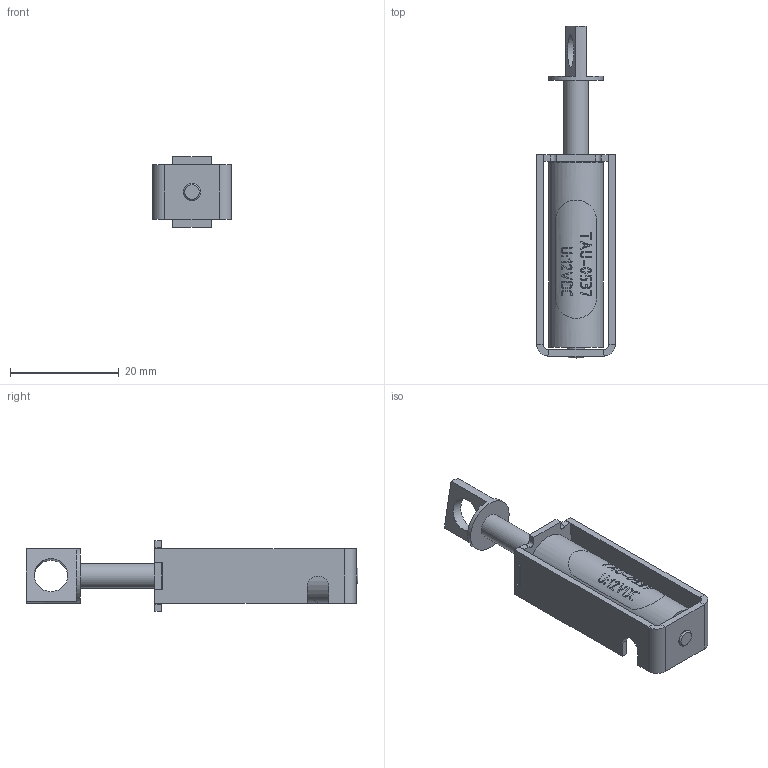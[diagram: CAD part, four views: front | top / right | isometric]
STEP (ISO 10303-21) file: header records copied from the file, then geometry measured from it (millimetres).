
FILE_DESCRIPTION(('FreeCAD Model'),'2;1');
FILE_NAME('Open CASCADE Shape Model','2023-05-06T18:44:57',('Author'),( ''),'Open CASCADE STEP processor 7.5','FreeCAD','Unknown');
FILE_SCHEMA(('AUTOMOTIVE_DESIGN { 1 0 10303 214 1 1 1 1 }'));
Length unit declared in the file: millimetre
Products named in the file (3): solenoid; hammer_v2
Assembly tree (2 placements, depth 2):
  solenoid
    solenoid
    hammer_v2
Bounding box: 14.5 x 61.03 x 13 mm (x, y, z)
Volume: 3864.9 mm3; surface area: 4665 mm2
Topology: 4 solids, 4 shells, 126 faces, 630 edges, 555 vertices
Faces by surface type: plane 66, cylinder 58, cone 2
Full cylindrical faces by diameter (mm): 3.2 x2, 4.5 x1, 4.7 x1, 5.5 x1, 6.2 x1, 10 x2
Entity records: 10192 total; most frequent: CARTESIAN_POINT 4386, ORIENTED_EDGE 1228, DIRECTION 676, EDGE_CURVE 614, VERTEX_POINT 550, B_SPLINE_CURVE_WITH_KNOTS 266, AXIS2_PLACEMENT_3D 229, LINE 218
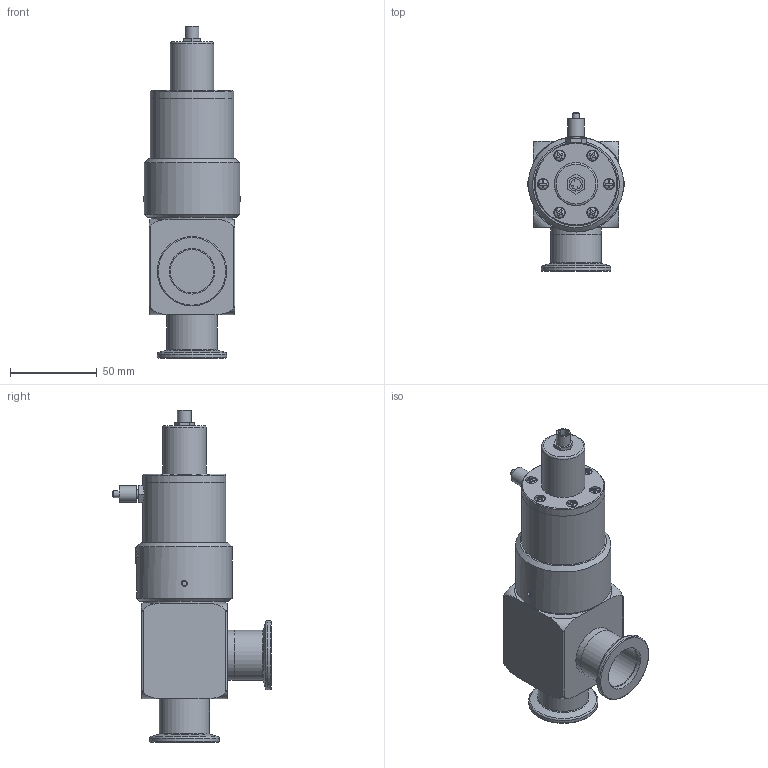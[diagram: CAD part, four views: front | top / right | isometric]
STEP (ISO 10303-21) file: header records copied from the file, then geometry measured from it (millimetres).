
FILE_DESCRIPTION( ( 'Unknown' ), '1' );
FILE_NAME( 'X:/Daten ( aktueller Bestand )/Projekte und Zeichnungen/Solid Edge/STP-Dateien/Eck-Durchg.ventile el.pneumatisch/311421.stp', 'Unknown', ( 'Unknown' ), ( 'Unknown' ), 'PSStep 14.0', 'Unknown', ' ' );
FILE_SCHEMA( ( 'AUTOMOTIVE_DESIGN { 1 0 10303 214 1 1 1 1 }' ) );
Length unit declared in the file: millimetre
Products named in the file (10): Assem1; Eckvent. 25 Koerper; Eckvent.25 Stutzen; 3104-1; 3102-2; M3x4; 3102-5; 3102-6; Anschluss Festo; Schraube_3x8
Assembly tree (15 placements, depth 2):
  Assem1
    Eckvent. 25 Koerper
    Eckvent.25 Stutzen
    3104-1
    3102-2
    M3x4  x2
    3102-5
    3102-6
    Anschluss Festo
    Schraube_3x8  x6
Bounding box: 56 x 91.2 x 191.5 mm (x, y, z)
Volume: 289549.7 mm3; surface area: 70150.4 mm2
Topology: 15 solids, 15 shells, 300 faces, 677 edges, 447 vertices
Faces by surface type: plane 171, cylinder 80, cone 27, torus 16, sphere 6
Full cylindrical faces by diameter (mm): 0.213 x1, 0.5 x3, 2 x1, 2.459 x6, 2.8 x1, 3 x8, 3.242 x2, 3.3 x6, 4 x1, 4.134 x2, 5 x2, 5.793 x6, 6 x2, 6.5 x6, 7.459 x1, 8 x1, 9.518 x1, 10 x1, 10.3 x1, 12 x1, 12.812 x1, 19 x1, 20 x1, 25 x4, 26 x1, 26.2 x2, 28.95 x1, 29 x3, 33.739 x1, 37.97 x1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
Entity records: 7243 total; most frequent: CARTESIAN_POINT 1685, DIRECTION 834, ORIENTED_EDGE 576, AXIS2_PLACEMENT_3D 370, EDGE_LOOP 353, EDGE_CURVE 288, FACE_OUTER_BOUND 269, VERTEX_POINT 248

What you will do: Search the material above for the word "placements", and return each line that holds it.

Response below:
Assembly tree (2 placements, depth 2):
Assembly tree (15 placements, depth 2):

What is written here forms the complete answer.